* **What the exercise asks**
Look through the entries below and report every line that has "OTLN".

★ ★ ★

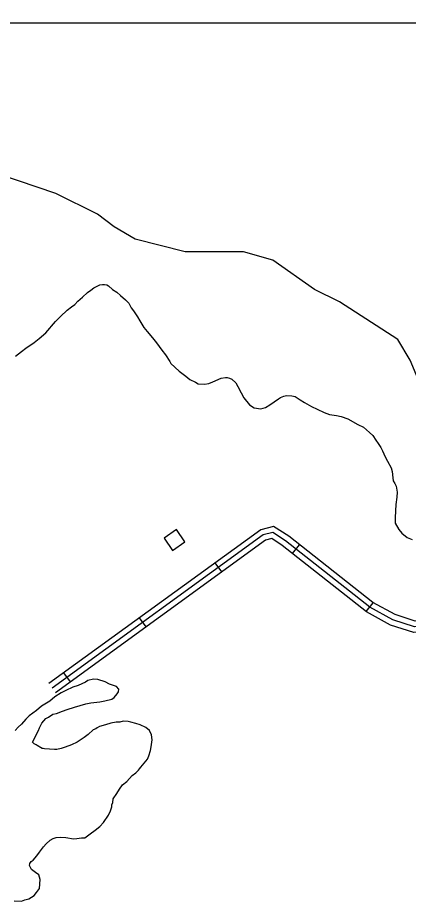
# Model space of a CAD drawing. Extents: x 3245246 to 3283090, y 806824 to 832173.
# Drawn here: x 3278046 to 3279090, y 815916 to 818276 of the extents above; entities that cross this region are included whole.
import ezdxf

# ---------------------------------------------------------------- set-up
doc = ezdxf.new("R2010")
doc.units = 0
for name, color, linetype in [('V-BLDG-OTLN', 7, 'Continuous'), ('V-GRID-MAJR', 7, 'Continuous'), ('V-ROAD-CNTR', 7, 'Continuous'), ('V-SITE-VEGE', 7, 'Continuous'), ('V-TOPO-SHOR', 7, 'Continuous')]:
    doc.layers.add(name, color=color, linetype=linetype)

msp = doc.modelspace()

# ---------------------------------------------------------------- linework, layer by layer
at = {"layer": 'V-BLDG-OTLN'}
msp.add_lwpolyline([(3278460.1, 816852.9), (3278492.9, 816875.7), (3278470.2, 816908.6), (3278437.3, 816885.8)], close=True, dxfattribs=at)
at = {"layer": 'V-GRID-MAJR'}
msp.add_spline([(3249418.2, 818275.5), (3254654, 818271.3), (3259889.9, 818267.9), (3265125.8, 818265.2), (3270361.6, 818263.3), (3275597.5, 818262.2), (3280833.3, 818261.8)], degree=3, dxfattribs=at)
at = {"layer": 'V-ROAD-CNTR'}
for p, q in [((3278780.7, 816844.5), (3278799.3, 816868.1)), ((3278591.7, 816795.5), (3278574.1, 816819.8)), ((3278976.9, 816689.6), (3278995.5, 816713.2)), ((3278389.4, 816648.7), (3278371.8, 816672.9)), ((3278187.1, 816501.8), (3278169.5, 816526.1))]:
    msp.add_line(p, q, dxfattribs=at)
for points in [[(3279613.9, 817027.8), (3279520.6, 816908.2), (3279404.7, 816795.7), (3279343, 816744.5), (3279281.6, 816707.2), (3279205.5, 816672.8), (3279167.5, 816667.7), (3279108.2, 816663.7), (3279054.2, 816681.3), (3278994.9, 816713.7), (3278770.5, 816890.8), (3278730.1, 816916.5), (3278695.9, 816908.2), (3278129.6, 816497.1)], [(3279629.5, 817023.4), (3279531.8, 816898.2), (3279414.7, 816784.6), (3279351.7, 816732.3), (3279288.6, 816693.9), (3279209.7, 816658.2), (3279169, 816652.8), (3279106.3, 816648.5), (3279048.3, 816667.5), (3278986.6, 816701.1), (3278761.8, 816878.5), (3278727.5, 816900.4), (3278702.3, 816894.3), (3278138.4, 816485)], [(3279618.7, 816985.2), (3279543, 816888.1), (3279424.8, 816773.4), (3279360.5, 816720), (3279295.6, 816680.6), (3279213.9, 816643.7), (3279170.5, 816637.9), (3279104.4, 816633.4), (3279042.3, 816653.6), (3278978.3, 816688.5), (3278753.1, 816866.3), (3278724.8, 816884.3), (3278708.7, 816880.4), (3278147.2, 816472.9)]]:
    msp.add_lwpolyline(points, dxfattribs=at)
at = {"layer": 'V-SITE-VEGE'}
for p, q in [((3278242.2, 817547.8), (3278249.9, 817553.7)), ((3278249.9, 817553.7), (3278260.3, 817559.4)), ((3278260.3, 817559.4), (3278266, 817561.8)), ((3278266, 817561.8), (3278273.4, 817563.1)), ((3278273.4, 817563.1), (3278277.9, 817562.8)), ((3278277.9, 817562.8), (3278284.3, 817562.4)), ((3278284.3, 817562.4), (3278288.6, 817559.4)), ((3278288.6, 817559.4), (3278299.9, 817549.5)), ((3278207.3, 817518.2), (3278219.9, 817529.2)), ((3278219.9, 817529.2), (3278232.6, 817541.2)), ((3278232.6, 817541.2), (3278242.2, 817547.8)), ((3278299.9, 817549.5), (3278311.3, 817542.3)), ((3278311.3, 817542.3), (3278320.7, 817533.5)), ((3278320.7, 817533.5), (3278334.5, 817521.6)), ((3278178.4, 817494.5), (3278189.9, 817502.9)), ((3278189.9, 817502.9), (3278199.5, 817509.6)), ((3278199.5, 817509.6), (3278207.3, 817518.2)), ((3278334.5, 817521.6), (3278343.1, 817512.8)), ((3278343.1, 817512.8), (3278349.6, 817500.5)), ((3278160.8, 817477.4), (3278178.4, 817494.5)), ((3278349.6, 817500.5), (3278355.5, 817492.8)), ((3278355.5, 817492.8), (3278366.3, 817476.6)), ((3278121.4, 817434.3), (3278147.1, 817463.7)), ((3278147.1, 817463.7), (3278160.8, 817477.4)), ((3278366.3, 817476.6), (3278372.9, 817466.1)), ((3278372.9, 817466.1), (3278383.6, 817448)), ((3278103.9, 817419.1), (3278121.4, 817434.3)), ((3278383.6, 817448), (3278392, 817437.4)), ((3278392, 817437.4), (3278406.4, 817420.9)), ((3278090.4, 817408.1), (3278103.9, 817419.1)), ((3278406.4, 817420.9), (3278417.4, 817407.4)), ((3278056.8, 817383.8), (3278068.4, 817393.1)), ((3278068.4, 817393.1), (3278090.4, 817408.1)), ((3278417.4, 817407.4), (3278431.6, 817387.3)), ((3278431.6, 817387.3), (3278440.8, 817374.8)), ((3278040.5, 817371.2), (3278056.8, 817383.8)), ((3278440.8, 817374.8), (3278452.5, 817357.6)), ((3278452.5, 817357.6), (3278455.8, 817351.9)), ((3278455.8, 817351.9), (3278478.1, 817331.2)), ((3278478.1, 817331.2), (3278495.6, 817318.2)), ((3278495.6, 817318.2), (3278505.9, 817309.3)), ((3278590.2, 817312.8), (3278601.3, 817314.8)), ((3278601.3, 817314.8), (3278605.9, 817314.5)), ((3278605.9, 817314.5), (3278612.2, 817313.2)), ((3278505.9, 817309.3), (3278521, 817301.9)), ((3278521, 817301.9), (3278528.9, 817297.7)), ((3278528.9, 817297.7), (3278545.3, 817296.6)), ((3278545.3, 817296.6), (3278557.3, 817298.5)), ((3278557.3, 817298.5), (3278567.7, 817303.3)), ((3278567.7, 817303.3), (3278590.2, 817312.8)), ((3278612.2, 817313.2), (3278618.3, 817310)), ((3278618.3, 817310), (3278628.7, 817300.2)), ((3278628.7, 817300.2), (3278634.4, 817290.7)), ((3278634.4, 817290.7), (3278643.3, 817273.6)), ((3278643.3, 817273.6), (3278650.7, 817260.4)), ((3278650.7, 817260.4), (3278665.9, 817242)), ((3278719.8, 817241.2), (3278742.8, 817257.9)), ((3278742.8, 817257.9), (3278748.5, 817261.2)), ((3278748.5, 817261.2), (3278756.9, 817264.3)), ((3278756.9, 817264.3), (3278764.4, 817266.5)), ((3278764.4, 817266.5), (3278778.9, 817265.6)), ((3278778.9, 817265.6), (3278788, 817264.1)), ((3278788, 817264.1), (3278801.1, 817255)), ((3278801.1, 817255), (3278812.5, 817247.8)), ((3278812.5, 817247.8), (3278831, 817237.5)), ((3278665.9, 817242), (3278678.2, 817233.9)), ((3278678.2, 817233.9), (3278696.2, 817230.9)), ((3278696.2, 817230.9), (3278708.4, 817234.6)), ((3278708.4, 817234.6), (3278719.8, 817241.2)), ((3278831, 817237.5), (3278846, 817230.1)), ((3278846, 817230.1), (3278864.6, 817221.5)), ((3278864.6, 817221.5), (3278878.9, 817216)), ((3278878.9, 817216), (3278897.9, 817212.9)), ((3278897.9, 817212.9), (3278910.5, 817210.2)), ((3278910.5, 817210.2), (3278928.4, 817204.5)), ((3278928.4, 817204.5), (3278954.7, 817189)), ((3278954.7, 817189), (3278969.8, 817181.7)), ((3278969.8, 817181.7), (3278986.2, 817167.8)), ((3278986.2, 817167.8), (3278994.8, 817159.9)), ((3278994.8, 817159.9), (3279003.1, 817147.5)), ((3279003.1, 817147.5), (3279008.9, 817137.9)), ((3279008.9, 817137.9), (3279016.4, 817127.4)), ((3279016.4, 817127.4), (3279020.4, 817118.9)), ((3279020.4, 817118.9), (3279027.6, 817102.9)), ((3279027.6, 817102.9), (3279034.2, 817091.5)), ((3279034.2, 817091.5), (3279043.9, 817073.5)), ((3279043.9, 817073.5), (3279046.9, 817063.3)), ((3279046.9, 817063.3), (3279048.5, 817046.7)), ((3279048.5, 817046.7), (3279048.9, 817038.5)), ((3279048.9, 817038.5), (3279053.9, 817031.7)), ((3279053.9, 817031.7), (3279057.1, 817024.2)), ((3279057.1, 817024.2), (3279059.7, 817008.5)), ((3279059.7, 817008.5), (3279058.8, 816994.9)), ((3279058.8, 816994.9), (3279056.6, 816975.8)), ((3279056.6, 816975.8), (3279054.3, 816940.3)), ((3279054.3, 816940.3), (3279054.2, 816925.7)), ((3279054.2, 816925.7), (3279064, 816908.6)), ((3279064, 816908.6), (3279072.5, 816898.9)), ((3279072.5, 816898.9), (3279086.4, 816887.1)), ((3279086.4, 816887.1), (3279099.7, 816881.6)), ((3278207.8, 816492.2), (3278193.8, 816487.6)), ((3278227.6, 816500.9), (3278207.8, 816492.2)), ((3278234.2, 816505), (3278227.6, 816500.9)), ((3278249.1, 816508.6), (3278234.2, 816505)), ((3278260.9, 816507.8), (3278249.1, 816508.6)), ((3278279.7, 816502), (3278260.9, 816507.8)), ((3278292.1, 816495.7), (3278279.7, 816502)), ((3278310.8, 816489), (3278292.1, 816495.7)), ((3278316.8, 816482.2), (3278310.8, 816489)), ((3278162.6, 816472.3), (3278145.5, 816461.6)), ((3278174.9, 816478.8), (3278162.6, 816472.3)), ((3278193.8, 816487.6), (3278174.9, 816478.8)), ((3278304.4, 816460.2), (3278312.3, 816469.7)), ((3278312.3, 816469.7), (3278315.4, 816475)), ((3278315.4, 816475), (3278316.8, 816482.2)), ((3278132, 816450.6), (3278110, 816436.5)), ((3278145.5, 816461.6), (3278132, 816450.6)), ((3278198.5, 816434.3), (3278228.3, 816443.3)), ((3278228.3, 816443.3), (3278242.2, 816446.1)), ((3278242.2, 816446.1), (3278266.1, 816448.1)), ((3278266.1, 816448.1), (3278279.1, 816450.9)), ((3278279.1, 816450.9), (3278297.6, 816455.2)), ((3278297.6, 816455.2), (3278304.4, 816460.2)), ((3278096.5, 816425.6), (3278077.3, 816411.3)), ((3278110, 816436.5), (3278096.5, 816425.6)), ((3278140.6, 816415.3), (3278149.9, 816417.5)), ((3278149.9, 816417.5), (3278165.8, 816423.7)), ((3278165.8, 816423.7), (3278178.9, 816428.3)), ((3278178.9, 816428.3), (3278198.5, 816434.3)), ((3278068.4, 816401.8), (3278056.6, 816388.9)), ((3278077.3, 816411.3), (3278068.4, 816401.8)), ((3278110.7, 816391.7), (3278121.5, 816403.8)), ((3278121.5, 816403.8), (3278129.1, 816407.9)), ((3278129.1, 816407.9), (3278140.6, 816415.3)), ((3278309.1, 816394.1), (3278295.2, 816391.4)), ((3278319.2, 816394.4), (3278309.1, 816394.1)), ((3278328.4, 816396.5), (3278319.2, 816394.4)), ((3278341.2, 816395.6), (3278328.4, 816396.5)), ((3278348.4, 816394.2), (3278341.2, 816395.6)), ((3278361.9, 816390.6), (3278348.4, 816394.2)), ((3278047.8, 816380.4), (3278039.9, 816371.8)), ((3278056.6, 816388.9), (3278047.8, 816380.4)), ((3278086.3, 816340.4), (3278102.1, 816372.2)), ((3278102.1, 816372.2), (3278104.4, 816379.4)), ((3278104.4, 816379.4), (3278110.7, 816391.7)), ((3278248.4, 816373.5), (3278234.8, 816361.6)), ((3278255, 816376.7), (3278248.4, 816373.5)), ((3278258.8, 816379.2), (3278255, 816376.7)), ((3278265.4, 816382.4), (3278258.8, 816379.2)), ((3278281.2, 816386.8), (3278265.4, 816382.4)), ((3278295.2, 816391.4), (3278281.2, 816386.8)), ((3278373.5, 816387.1), (3278361.9, 816390.6)), ((3278388.5, 816379.7), (3278373.5, 816387.1)), ((3278398.1, 816371.8), (3278388.5, 816379.7)), ((3278403.7, 816360.4), (3278398.1, 816371.8)), ((3278224.2, 816353.1), (3278205.1, 816340.7)), ((3278234.8, 816361.6), (3278224.2, 816353.1)), ((3278403.4, 816328.5), (3278405.5, 816346.6)), ((3278405.5, 816346.6), (3278403.7, 816360.4)), ((3278088, 816339.3), (3278086.3, 816340.4)), ((3278090.6, 816336.4), (3278088, 816339.3)), ((3278095.9, 816333.3), (3278090.6, 816336.4)), ((3278098.5, 816332.2), (3278095.9, 816333.3)), ((3278102.9, 816329.2), (3278098.5, 816332.2)), ((3278105.5, 816327.2), (3278102.9, 816329.2)), ((3278107.3, 816326.2), (3278105.5, 816327.2)), ((3278111.7, 816324.1), (3278107.3, 816326.2)), ((3278114.4, 816323.9), (3278111.7, 816324.1)), ((3278118, 816322.7), (3278114.4, 816323.9)), ((3278162.8, 816323.4), (3278150.8, 816321.5)), ((3278173.1, 816327.3), (3278162.8, 816323.4)), ((3278190, 816333.5), (3278173.1, 816327.3)), ((3278205.1, 816340.7), (3278190, 816333.5)), ((3278400.9, 816318.6), (3278403.4, 816328.5)), ((3278144.4, 816321), (3278118, 816322.7)), ((3278150.8, 816321.5), (3278144.4, 816321)), ((3278393, 816295.4), (3278396.3, 816304.3)), ((3278396.3, 816304.3), (3278400.9, 816318.6)), ((3278375.1, 816273.7), (3278393, 816295.4)), ((3278352.6, 816251.4), (3278362.3, 816259)), ((3278362.3, 816259), (3278369.1, 816265.9)), ((3278369.1, 816265.9), (3278372.1, 816269.3)), ((3278372.1, 816269.3), (3278375.1, 816273.7)), ((3278326.3, 816226.7), (3278337.9, 816236)), ((3278337.9, 816236), (3278352.6, 816251.4)), ((3278311.1, 816203.9), (3278318.3, 816215.3)), ((3278318.3, 816215.3), (3278326.3, 816226.7)), ((3278300.4, 816180), (3278301.9, 816189)), ((3278301.9, 816189), (3278311.1, 816203.9)), ((3278294.3, 816157.6), (3278297.8, 816168.3)), ((3278297.8, 816168.3), (3278298.1, 816173.7)), ((3278298.1, 816173.7), (3278300.4, 816180)), ((3278275.8, 816125.9), (3278289, 816146)), ((3278289, 816146), (3278294.3, 816157.6)), ((3278253.4, 816105.5), (3278266, 816115.6)), ((3278266, 816115.6), (3278275.8, 816125.9)), ((3278225.6, 816085.4), (3278240, 816096.3)), ((3278240, 816096.3), (3278253.4, 816105.5)), ((3278115.3, 816061.6), (3278122.2, 816069.4)), ((3278122.2, 816069.4), (3278132.9, 816078.7)), ((3278132.9, 816078.7), (3278141.4, 816083.6)), ((3278141.4, 816083.6), (3278148.9, 816085.9)), ((3278148.9, 816085.9), (3278161.7, 816086.9)), ((3278161.7, 816086.9), (3278175.4, 816086)), ((3278175.4, 816086), (3278195.3, 816082.8)), ((3278195.3, 816082.8), (3278204.4, 816083.1)), ((3278204.4, 816083.1), (3278217.3, 816085)), ((3278217.3, 816085), (3278225.6, 816085.4)), ((3278097.2, 816037.2), (3278104.3, 816046.8)), ((3278104.3, 816046.8), (3278115.3, 816061.6)), ((3278078.1, 816011.1), (3278078.5, 816016.6)), ((3278078.5, 816016.6), (3278082.5, 816021.8)), ((3278082.5, 816021.8), (3278087.4, 816026)), ((3278087.4, 816026), (3278097.2, 816037.2)), ((3278080.6, 816006.4), (3278078.1, 816011.1)), ((3278083.8, 816000.7), (3278080.6, 816006.4)), ((3278094.3, 815992.7), (3278083.8, 816000.7)), ((3278103, 815986.6), (3278094.3, 815992.7)), ((3278106.7, 815973.6), (3278103, 815986.6)), ((3278105.1, 815949.9), (3278106.7, 815973.6)), ((3278097.1, 815939.5), (3278105.1, 815949.9)), ((3278065.7, 815919.7), (3278075.9, 815922.6)), ((3278075.9, 815922.6), (3278090.2, 815931.7)), ((3278090.2, 815931.7), (3278097.1, 815939.5)), ((3278037.2, 815917), (3278056.3, 815915.7)), ((3278056.3, 815915.7), (3278065.7, 815919.7))]:
    msp.add_line(p, q, dxfattribs=at)
at = {"layer": 'V-TOPO-SHOR'}
msp.add_lwpolyline([(3279518.1, 817026.2), (3279362.3, 817081.9), (3279262, 817126.5), (3279150.7, 817226.8), (3279095.1, 817360.5), (3279061.7, 817416.2), (3278905.8, 817516.5), (3278839, 817549.9), (3278727.7, 817627.9), (3278649.7, 817650.2), (3278493.8, 817650.3), (3278360.2, 817683.8), (3278304.5, 817717.2), (3278260, 817750.6), (3278148.7, 817806.4), (3277948.2, 817873.3)], dxfattribs=at)

doc.saveas('drawing.dxf')

★ ★ ★

* **Finished exercise**
for name, color, linetype in [('V-BLDG-OTLN', 7, 'Continuous'), ('V-GRID-MAJR', 7, 'Continuous'), ('V-ROAD-CNTR', 7, 'Continuous'), ('V-SITE-VEGE', 7, 'Continuous'), ('V-TOPO-SHOR', 7, 'Continuous')]:
at = {"layer": 'V-BLDG-OTLN'}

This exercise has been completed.